My husband and I tried well over a year to have a baby. At the time I worked in a Hospital as an Ultrasound Technologist in a High Risk OB department. All day long I told people if they were having a boy or a girl. Finally, we became pregnant ourselves. I know more than the average pregnant Mom, on things that can go wrong. I also knew how blessed we were to have finally conceived.
At 30 weeks I woke up like a cat with its back up, I felt like something was wrong. I hadn’t felt the baby since the night before. I drank juice, I ate, nothing. I had the key to my department at work. My husband and I went and I scanned myself. The baby was still, no movement, for 45 minutes we watched. I called my doctor he told me to come up to the third floor. As the hours went by, I started contracting. I was given tributiline to stop the contractions, nothing stopped them, after 3 shots, I was still contracting. By the next morning, still no movement, I was given steroids to prevent brain bleeds, and for lung maturity. They wanted to keep me pregnant as long as possible. It takes a couple of days in your system for that to work. But right after the shot of steroids my doctor looked worried as he listened to the NST monitor and he took my wrist, listened, and said, “Break open a room, the heart rate we hear is Stephanie’s pulse.” With that I had an emergency crash section.
I awoke with no happy faces, just sadness. No one spoke. My first words were, “Did I have a boy?” They told me yes. “Is he alive?” They told me yes. My son Michael was born October 17, 2004 with an APGAR of 2. My first born, my husband’s namesake, a beautiful baby boy. I was told later on that day he had bleeding in his brain and he couldn’t breathe on his own, he was intubated and brain dead. I was told best case scenario he would live with a wheelchair and be at a risk of aspirating on his own saliva.
The head of infectious diseases came to see me; he told me it was Listeriosis. No, it couldn’t be, I knew what to eat, I told my pregnant friends not to eat certain things because I knew the damage Listeria could do, I only saw it happen once in the 10 years I worked there, but I knew. I told him, “No, I didn’t eat soft cheeses, no cold cuts, nothing from a deli, it can’t be, you’re wrong.” He said, “Did you eat salad? It can be on lettuce, and is almost impossible to wash off.” I had no idea. Every pregnant woman eats salad. Every pregnant woman eats out. Every pregnant woman is so tired they want to treat themselves to a meal they didn’t prepare and cook themselves. Everyday I got salads from a “health” food store for lunch. I didn’t need a lesson on empathy or sympathy; I took care of people all day long with tragedies similar to this. How could it be me being wheeled into the NICU to kiss my babies forehead? How did this happen? I helped in diagnosing and helping people with sick fetuses. And now I was in a situation where I turned to my own boss and said, “You help everyone else, please help me.” And he couldn’t, he just put his head down.

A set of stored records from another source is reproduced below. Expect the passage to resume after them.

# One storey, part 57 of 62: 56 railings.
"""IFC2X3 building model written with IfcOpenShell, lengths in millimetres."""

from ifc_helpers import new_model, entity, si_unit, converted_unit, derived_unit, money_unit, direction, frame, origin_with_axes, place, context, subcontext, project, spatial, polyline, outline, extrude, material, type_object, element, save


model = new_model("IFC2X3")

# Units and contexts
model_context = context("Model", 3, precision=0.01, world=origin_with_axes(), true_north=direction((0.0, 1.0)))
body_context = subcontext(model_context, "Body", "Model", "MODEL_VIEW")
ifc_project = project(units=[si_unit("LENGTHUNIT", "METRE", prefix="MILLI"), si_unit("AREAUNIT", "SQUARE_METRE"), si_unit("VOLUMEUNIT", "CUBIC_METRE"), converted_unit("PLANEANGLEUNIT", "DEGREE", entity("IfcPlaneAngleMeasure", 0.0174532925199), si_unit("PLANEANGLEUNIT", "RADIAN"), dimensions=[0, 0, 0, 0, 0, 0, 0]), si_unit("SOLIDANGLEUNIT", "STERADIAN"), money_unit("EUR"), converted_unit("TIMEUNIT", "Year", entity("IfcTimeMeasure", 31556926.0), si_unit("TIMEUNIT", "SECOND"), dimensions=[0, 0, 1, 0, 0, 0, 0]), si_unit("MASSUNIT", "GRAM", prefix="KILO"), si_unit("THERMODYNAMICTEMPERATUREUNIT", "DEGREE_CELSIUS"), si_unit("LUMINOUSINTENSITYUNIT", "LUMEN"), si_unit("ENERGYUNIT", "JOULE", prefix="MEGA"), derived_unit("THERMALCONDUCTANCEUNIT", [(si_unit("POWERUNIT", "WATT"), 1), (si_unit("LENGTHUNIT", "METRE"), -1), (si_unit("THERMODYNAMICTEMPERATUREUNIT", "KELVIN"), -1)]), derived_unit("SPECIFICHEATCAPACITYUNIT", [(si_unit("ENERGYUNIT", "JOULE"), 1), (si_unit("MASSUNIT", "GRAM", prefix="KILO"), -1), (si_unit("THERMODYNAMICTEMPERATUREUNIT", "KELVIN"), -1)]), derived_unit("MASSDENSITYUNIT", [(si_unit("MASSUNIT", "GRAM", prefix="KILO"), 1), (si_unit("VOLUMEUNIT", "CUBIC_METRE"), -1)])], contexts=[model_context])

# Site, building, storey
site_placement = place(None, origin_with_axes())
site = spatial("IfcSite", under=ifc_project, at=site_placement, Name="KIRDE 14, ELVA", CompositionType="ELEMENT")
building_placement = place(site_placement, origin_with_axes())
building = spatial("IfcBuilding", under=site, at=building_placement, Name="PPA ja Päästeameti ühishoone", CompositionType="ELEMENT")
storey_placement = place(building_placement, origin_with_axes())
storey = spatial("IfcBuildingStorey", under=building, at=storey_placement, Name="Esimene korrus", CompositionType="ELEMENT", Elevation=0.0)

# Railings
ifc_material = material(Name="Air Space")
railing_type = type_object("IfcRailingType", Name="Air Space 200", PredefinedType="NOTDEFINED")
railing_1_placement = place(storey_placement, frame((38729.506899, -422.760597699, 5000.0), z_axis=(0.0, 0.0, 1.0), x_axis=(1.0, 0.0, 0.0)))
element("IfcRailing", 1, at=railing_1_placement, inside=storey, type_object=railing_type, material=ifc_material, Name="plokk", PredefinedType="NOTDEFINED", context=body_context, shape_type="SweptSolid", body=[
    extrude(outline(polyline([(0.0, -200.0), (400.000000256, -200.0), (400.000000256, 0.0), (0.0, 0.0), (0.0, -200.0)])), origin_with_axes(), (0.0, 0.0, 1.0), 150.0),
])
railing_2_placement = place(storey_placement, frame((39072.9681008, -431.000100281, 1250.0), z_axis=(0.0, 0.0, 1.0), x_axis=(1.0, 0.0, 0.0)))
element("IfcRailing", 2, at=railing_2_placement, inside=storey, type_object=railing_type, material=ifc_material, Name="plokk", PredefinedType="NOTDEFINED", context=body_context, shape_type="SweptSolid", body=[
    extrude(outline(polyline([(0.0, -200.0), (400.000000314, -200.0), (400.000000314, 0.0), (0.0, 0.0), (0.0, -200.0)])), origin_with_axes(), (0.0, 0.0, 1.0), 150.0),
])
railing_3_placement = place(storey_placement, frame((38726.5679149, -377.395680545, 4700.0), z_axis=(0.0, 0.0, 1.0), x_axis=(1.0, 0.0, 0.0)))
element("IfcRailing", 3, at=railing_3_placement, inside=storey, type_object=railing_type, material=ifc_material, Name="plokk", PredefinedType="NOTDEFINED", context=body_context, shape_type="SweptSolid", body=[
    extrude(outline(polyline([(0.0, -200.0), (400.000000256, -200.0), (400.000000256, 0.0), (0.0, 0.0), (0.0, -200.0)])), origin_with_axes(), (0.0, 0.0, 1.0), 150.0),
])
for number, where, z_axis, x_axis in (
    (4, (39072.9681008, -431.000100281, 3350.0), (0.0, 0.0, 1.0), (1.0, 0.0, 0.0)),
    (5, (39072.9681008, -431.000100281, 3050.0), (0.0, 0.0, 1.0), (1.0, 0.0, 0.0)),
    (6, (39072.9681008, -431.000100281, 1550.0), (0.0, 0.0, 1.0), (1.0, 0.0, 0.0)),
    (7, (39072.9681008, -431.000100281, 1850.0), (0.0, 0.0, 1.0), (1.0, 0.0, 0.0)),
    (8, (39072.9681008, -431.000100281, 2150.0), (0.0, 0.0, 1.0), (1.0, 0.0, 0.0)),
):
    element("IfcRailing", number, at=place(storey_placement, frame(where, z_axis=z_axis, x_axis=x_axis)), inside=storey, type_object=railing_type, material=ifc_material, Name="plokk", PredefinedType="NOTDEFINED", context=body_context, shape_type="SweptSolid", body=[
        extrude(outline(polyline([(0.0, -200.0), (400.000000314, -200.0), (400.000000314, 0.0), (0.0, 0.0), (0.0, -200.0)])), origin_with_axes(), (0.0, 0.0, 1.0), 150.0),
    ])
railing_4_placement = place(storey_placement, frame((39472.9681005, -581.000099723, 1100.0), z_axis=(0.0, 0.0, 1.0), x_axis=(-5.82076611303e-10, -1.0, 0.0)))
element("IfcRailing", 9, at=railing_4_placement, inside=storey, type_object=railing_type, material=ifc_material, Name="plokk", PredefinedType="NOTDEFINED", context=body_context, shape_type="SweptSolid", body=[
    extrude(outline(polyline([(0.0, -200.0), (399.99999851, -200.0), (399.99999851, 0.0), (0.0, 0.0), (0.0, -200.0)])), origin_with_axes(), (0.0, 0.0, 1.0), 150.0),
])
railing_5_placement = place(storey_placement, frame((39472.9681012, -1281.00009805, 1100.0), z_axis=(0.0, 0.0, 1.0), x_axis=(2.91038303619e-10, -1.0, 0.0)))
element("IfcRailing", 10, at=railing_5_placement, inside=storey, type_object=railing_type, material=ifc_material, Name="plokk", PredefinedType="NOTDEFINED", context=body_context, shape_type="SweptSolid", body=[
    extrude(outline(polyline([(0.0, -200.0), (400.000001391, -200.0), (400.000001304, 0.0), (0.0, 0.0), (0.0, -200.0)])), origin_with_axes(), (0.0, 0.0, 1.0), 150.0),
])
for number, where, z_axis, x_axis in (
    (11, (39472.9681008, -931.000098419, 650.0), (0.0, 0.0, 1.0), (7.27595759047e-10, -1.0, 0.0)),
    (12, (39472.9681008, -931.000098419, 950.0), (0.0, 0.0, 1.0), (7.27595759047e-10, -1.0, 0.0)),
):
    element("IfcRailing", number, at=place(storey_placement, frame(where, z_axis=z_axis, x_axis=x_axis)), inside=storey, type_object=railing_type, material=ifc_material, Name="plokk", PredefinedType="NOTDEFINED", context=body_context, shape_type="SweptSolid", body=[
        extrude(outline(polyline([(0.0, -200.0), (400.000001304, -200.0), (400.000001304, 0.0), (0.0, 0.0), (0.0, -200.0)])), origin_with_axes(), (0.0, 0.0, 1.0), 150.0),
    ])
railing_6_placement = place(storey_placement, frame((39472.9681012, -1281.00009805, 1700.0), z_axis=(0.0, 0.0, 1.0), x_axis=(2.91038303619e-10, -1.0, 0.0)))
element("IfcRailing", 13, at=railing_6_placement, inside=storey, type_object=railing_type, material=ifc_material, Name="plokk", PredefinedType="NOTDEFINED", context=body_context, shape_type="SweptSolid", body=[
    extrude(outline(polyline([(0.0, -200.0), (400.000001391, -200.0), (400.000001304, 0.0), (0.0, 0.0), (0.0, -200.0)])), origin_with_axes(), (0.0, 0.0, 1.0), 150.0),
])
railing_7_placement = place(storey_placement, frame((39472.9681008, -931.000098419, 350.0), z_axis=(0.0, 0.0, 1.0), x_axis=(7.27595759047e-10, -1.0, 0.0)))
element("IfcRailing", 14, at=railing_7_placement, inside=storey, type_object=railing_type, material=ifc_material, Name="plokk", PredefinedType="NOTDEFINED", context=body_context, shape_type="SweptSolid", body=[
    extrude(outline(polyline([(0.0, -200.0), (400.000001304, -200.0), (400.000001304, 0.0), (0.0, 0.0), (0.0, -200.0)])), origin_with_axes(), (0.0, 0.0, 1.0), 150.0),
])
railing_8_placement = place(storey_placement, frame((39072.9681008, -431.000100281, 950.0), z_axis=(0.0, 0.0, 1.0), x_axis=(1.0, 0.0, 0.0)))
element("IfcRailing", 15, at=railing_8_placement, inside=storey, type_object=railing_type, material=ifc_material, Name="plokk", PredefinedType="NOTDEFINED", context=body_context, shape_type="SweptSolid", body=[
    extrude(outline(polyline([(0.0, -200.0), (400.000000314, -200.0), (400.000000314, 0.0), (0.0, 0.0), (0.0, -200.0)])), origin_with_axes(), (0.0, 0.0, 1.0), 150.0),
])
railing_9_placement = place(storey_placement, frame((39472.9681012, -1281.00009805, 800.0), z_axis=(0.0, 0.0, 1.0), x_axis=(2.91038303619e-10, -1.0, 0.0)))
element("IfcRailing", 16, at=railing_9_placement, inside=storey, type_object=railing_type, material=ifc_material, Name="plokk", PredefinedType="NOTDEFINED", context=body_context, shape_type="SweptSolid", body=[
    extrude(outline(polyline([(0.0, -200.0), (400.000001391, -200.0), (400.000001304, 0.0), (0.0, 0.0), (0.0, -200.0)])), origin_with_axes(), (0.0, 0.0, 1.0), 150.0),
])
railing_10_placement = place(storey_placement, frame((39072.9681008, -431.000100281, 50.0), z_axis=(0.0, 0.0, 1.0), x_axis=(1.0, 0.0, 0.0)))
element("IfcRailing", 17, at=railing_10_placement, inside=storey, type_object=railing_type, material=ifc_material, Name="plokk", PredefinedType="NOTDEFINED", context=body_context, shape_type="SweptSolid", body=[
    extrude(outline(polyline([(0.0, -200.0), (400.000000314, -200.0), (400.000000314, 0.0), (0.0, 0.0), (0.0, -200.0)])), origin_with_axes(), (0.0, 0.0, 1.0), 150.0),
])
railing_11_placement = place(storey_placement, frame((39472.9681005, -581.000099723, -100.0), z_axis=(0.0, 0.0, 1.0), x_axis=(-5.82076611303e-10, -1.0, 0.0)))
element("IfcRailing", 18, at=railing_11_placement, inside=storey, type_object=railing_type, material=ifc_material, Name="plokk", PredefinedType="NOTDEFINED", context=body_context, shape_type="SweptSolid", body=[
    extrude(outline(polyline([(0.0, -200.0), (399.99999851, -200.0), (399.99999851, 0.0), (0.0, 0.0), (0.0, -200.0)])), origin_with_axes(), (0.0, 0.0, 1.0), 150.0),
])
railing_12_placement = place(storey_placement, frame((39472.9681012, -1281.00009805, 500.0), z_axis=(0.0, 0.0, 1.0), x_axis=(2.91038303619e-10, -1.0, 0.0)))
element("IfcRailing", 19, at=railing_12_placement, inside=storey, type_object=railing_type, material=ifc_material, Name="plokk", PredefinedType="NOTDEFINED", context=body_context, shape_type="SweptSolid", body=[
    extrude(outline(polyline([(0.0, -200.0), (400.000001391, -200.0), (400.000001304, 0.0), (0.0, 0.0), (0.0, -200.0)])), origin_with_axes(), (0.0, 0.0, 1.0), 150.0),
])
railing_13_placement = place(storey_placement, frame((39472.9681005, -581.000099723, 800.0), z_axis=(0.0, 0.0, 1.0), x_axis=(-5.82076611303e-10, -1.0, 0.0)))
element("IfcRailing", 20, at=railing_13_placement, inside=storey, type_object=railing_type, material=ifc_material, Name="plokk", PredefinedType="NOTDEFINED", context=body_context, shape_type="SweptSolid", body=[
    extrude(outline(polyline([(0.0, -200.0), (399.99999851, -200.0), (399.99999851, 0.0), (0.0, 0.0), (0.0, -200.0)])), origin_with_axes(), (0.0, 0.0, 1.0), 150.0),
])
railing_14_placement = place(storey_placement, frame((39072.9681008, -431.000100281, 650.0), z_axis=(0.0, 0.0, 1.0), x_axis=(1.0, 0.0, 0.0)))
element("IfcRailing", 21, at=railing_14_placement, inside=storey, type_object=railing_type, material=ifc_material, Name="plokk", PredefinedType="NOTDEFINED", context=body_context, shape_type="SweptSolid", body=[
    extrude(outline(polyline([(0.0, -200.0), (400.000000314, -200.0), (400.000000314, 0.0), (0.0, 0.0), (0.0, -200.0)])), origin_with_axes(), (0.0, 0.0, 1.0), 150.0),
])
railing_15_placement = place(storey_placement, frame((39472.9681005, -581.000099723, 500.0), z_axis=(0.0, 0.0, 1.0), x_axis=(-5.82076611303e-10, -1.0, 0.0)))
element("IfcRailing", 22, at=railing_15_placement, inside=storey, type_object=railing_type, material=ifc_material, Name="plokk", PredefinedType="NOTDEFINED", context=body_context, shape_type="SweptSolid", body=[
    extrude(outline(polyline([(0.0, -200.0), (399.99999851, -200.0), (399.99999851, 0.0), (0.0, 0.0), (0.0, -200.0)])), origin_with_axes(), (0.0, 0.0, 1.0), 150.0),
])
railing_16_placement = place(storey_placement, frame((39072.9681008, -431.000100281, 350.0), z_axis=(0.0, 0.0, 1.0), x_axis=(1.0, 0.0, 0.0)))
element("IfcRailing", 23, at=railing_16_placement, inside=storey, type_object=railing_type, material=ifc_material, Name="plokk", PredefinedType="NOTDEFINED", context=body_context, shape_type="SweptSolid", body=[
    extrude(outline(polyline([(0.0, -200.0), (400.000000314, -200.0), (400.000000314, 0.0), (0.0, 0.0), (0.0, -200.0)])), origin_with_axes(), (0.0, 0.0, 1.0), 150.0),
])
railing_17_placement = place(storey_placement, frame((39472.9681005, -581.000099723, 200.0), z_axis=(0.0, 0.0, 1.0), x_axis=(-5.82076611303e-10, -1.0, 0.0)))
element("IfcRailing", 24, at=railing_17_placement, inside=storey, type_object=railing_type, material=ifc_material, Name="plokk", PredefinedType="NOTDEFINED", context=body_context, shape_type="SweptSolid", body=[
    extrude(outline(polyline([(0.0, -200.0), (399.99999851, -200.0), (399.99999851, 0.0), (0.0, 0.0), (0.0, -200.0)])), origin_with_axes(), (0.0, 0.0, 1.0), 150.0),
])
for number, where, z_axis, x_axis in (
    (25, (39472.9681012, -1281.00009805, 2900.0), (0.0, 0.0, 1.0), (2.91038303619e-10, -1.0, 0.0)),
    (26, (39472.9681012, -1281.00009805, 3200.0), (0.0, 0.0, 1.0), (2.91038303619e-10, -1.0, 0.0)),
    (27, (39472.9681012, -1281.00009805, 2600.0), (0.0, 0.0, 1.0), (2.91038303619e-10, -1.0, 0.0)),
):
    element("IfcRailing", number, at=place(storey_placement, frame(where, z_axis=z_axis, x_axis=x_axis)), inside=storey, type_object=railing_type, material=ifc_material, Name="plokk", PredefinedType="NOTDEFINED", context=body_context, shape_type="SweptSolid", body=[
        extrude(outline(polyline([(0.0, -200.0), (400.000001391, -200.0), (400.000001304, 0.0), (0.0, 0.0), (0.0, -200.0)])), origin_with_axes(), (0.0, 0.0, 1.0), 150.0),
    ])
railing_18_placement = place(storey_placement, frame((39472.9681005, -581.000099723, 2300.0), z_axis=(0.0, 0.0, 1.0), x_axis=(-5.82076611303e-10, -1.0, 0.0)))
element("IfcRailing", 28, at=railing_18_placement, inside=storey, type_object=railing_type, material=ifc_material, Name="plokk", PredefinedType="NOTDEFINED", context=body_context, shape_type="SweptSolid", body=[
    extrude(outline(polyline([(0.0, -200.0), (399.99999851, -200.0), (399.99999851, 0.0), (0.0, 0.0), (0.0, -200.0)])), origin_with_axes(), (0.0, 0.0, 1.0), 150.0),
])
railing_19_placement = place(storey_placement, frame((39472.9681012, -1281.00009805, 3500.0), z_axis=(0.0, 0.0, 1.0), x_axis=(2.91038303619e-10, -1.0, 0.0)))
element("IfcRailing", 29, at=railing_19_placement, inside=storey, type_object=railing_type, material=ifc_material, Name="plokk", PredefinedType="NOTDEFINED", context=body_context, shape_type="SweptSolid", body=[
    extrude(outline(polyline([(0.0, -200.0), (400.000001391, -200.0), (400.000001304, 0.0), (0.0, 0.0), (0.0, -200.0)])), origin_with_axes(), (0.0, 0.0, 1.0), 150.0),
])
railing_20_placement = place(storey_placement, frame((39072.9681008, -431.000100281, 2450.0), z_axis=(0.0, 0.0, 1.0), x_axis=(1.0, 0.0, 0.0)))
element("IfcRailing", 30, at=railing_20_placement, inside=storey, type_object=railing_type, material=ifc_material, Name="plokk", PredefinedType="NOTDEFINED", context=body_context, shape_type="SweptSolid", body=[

Michael died in my arms as I rocked him to sleep, wrapped in a not-yet-finished blanket my Mom had been knitting for her first Grandchild, October 19, 2004. He was buried in that unfinished blanket; I felt it was perfect, because he wasn’t finished yet as well. All because I ate lettuce that was contaminated with a bacteria, a bacteria that is silent. No smell, no bad taste. I had no symptoms either. I was so sick with my pregnancy, every day all day long I vomited; I couldn’t even tell if I had food poisoning. I was told I was minutes from losing my uterus, the bacteria was all through out the baby and my placenta, contaminated through to the maternal side. I was told I almost lost my life. I started becoming septic right before delivery. My “body” recovered quickly, my heart slowly. I unbelievably became pregnant 2 months later, against advice from my Doctors, but I knew I couldn’t live with empty arms. And we truly thought it would take us over a year again to get pregnant. We went on to have our daughter Brooke Hope, September 2005; she gave me back my life. And then another boy, Jake Nicholas, December 2007, he gave me back my smile.